Podam link do mojej wyprzedaży jak wszystko tam wrzucę ;-)

Przebiła nam się ostatnia trójka, jak wyrośnie to już nam tylko piątek brakuje w paszczy. :tak:

A staranka u nas trwają, ale już bez wariacji. :-)

EDIT: Tutaj link do moich porządków, zapraszam - - - > https://www.babyboom.pl/forum/sprzedam-f39/porzadki-jesienne-w-szafie-dla-mamy-i-dzieci-55193/ :-)
 
Ostatnia edycja:
Hej mamuśki.

Lea - bidulko, mam nadzieję, ze wkrótce przejdzie ci z tymi mdłościami :/ próbowałaś imbir ? podobno sam zapach pomaga. Swoją drogą powinnaś to skonsultować z lekarzem, czy wszystko ok.

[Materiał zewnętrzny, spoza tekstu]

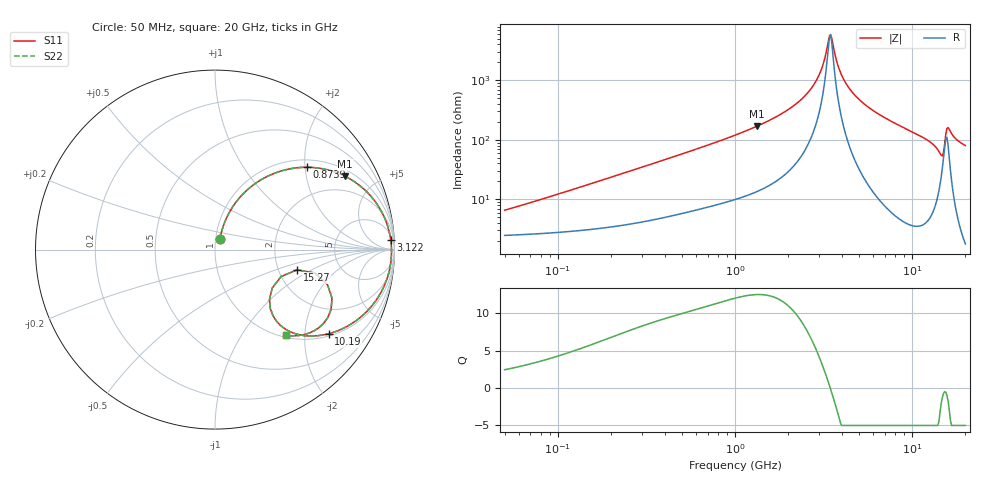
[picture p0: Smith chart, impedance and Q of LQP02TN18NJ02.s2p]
!Murata Part Number: LQP02TN18NJ02
!These Parameters are Measured in Series Mode Connection
!  o--[Z]--o
!Port1  Port2
!  o-------o
!Freq. Start=50[MHz] Stop=20[GHz], 401[Steps]
# Hz S RI R 50
!Freq.(Hz) S11(Real) S11(Imag) S21(Real) S21(Imag) S12(Real) S12(Imag) S22(Real) S22(Imag)
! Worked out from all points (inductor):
!   401 points, 50 MHz to 20 GHz, reference 50 ohm
!   read as one part in series: L = 19 nH near 64.5 MHz
!   highest Q = 12.5 at 1.329 GHz (marker M1), where L = 20.2 nH
!   self-resonance near 3.415 GHz
!   S11 on the Smith chart (normalised r, x): 50 MHz: 1.05, +0.12; 873.9 MHz: 1.18, +2.05; 3.122 GHz: 12, +33; 10.19 GHz: 1.07, -2.65; 15.27 GHz: 2.53, -0.73; 20 GHz: 1.04, -1.60
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5e7  0.0275 0.0576  0.9725 -0.0576  0.9725 -0.0576  0.0275 0.0576
1.364002e8  0.0523 0.1479  0.9477 -0.1479  0.9477 -0.1479  0.0523 0.1479
3.721004e8  0.182 0.3345  0.818 -0.3345  0.818 -0.3345  0.182 0.3345
8.738837e8  0.5126 0.4588  0.4874 -0.4588  0.4874 -0.4588  0.5126 0.4588
1e9  0.5815 0.4535  0.4185 -0.4535  0.4185 -0.4535  0.5815 0.4535
1.329223e9  0.7254 0.4081  0.2746 -0.4081  0.2746 -0.4081  0.7254 0.4081
2.05233e9  0.9004 0.2565  0.0996 -0.2565  0.0996 -0.2565  0.9004 0.2565
2.728004e9  0.9648 0.1215  0.0352 -0.1215  0.0352 -0.1215  0.9648 0.1215
3.121702e9  0.9794 0.0525  0.0206 -0.0525  0.0206 -0.0525  0.9794 0.0525
3.364474e9  0.9829 0.0135  0.0171 -0.0135  0.0171 -0.0135  0.9829 0.0135
3.466789e9  0.9835 -0.0022  0.0165 0.0022  0.0165 0.0022  0.9835 -0.0022
3.908127e9  0.9803 -0.0652  0.0197 0.0652  0.0197 0.0652  0.9803 -0.0652
4.405649e9  0.9685 -0.128  0.0315 0.128  0.0315 0.128  0.9685 -0.128
5.433528e9  0.9268 -0.2348  0.0732 0.2348  0.0732 0.2348  0.9268 -0.2348
7.442007e9  0.8119 -0.376  0.1881 0.376  0.1881 0.376  0.8119 -0.376
1.019291e10  0.6334 -0.4686  0.3666 0.4686  0.3666 0.4686  0.6334 -0.4686
1.334722e10  0.4006 -0.4482  0.5994 0.4482  0.5994 0.4482  0.4006 -0.4482
1.460232e10  0.3034 -0.2789  0.6966 0.2789  0.6966 0.2789  0.3034 -0.2789
1.527346e10  0.4569 -0.1127  0.5431 0.1127  0.5431 0.1127  0.4569 -0.1127
1.621653e10  0.6467 -0.3342  0.3533 0.3342  0.3533 0.3342  0.6467 -0.3342
1.747767e10  0.5311 -0.4623  0.4689 0.4623  0.4689 0.4623  0.5311 -0.4623
2e10  0.3931 -0.4775  0.6069 0.4775  0.6069 0.4775  0.3931 -0.4775

Madzia - nie wyobrażam sobie wyjechać choćby na dzień, dwa i to na dodatek tak daleko :/

agulek - no proszę, talent hydrauliczny :) kobiety są takie samowystarczalne :)

Zamówiłam scuttlebuga dla gabcia na święta, do tego dmuchanego osiołka do skakania :) Mam nadzieję, że się spodoba. Konia na biegunach mały bardzo lubi, na razie molestuje rumaka kuzynki, ale najprawdopodobniej na święta babcia sprezentuje mu własnego bujanego kuca.

a tak z innej beczki. stwierdziłam, że muszę wykombinować dla mojego gabulca kuchnię :p serio, mały uwielbia gotować ze mną. mam taki niski stolik. gdy coś kroję albo gotuję musze dać mu małą deskę, plastikowy nożyk, garnek i udaje, że też gotuje. mąż mówi, że gotowanie to takie babskie zabawy a ja muna to "a Jerzy też jest babski?" (kto ogląda przepis na życie wie o co chodzi;) ), a Gordon Ramsay też jest niemęski?". no i zgodził się :) byle nie była to różowa kuchenka i garnki. może zrobi coś sam.
 
Witam,
ja dziś wnerwiona od rana....w pracy drobne kłopoty ale cóż...musiałam przełożyć wizytę w CZD z dziś na 4 I, ze względu na końcówkę przeziębienia Marcina. Oby kolejny raz się udało. 6w przynosi już efekty. Dziś M zauważył, jak zakładałam bluzkę, że kształtuje mi się kaloryferek ;-) cieszę się i to mnie motywuje do dalszego ćwiczenia :tak:
kaarolina oj z tym wchodzeniem coraz wyżej, to u nas jest podobnie. Marcin już sam wchodzi na krzesło. A wiadomo, że z krzesła to już niedaleko jest na stół ;-)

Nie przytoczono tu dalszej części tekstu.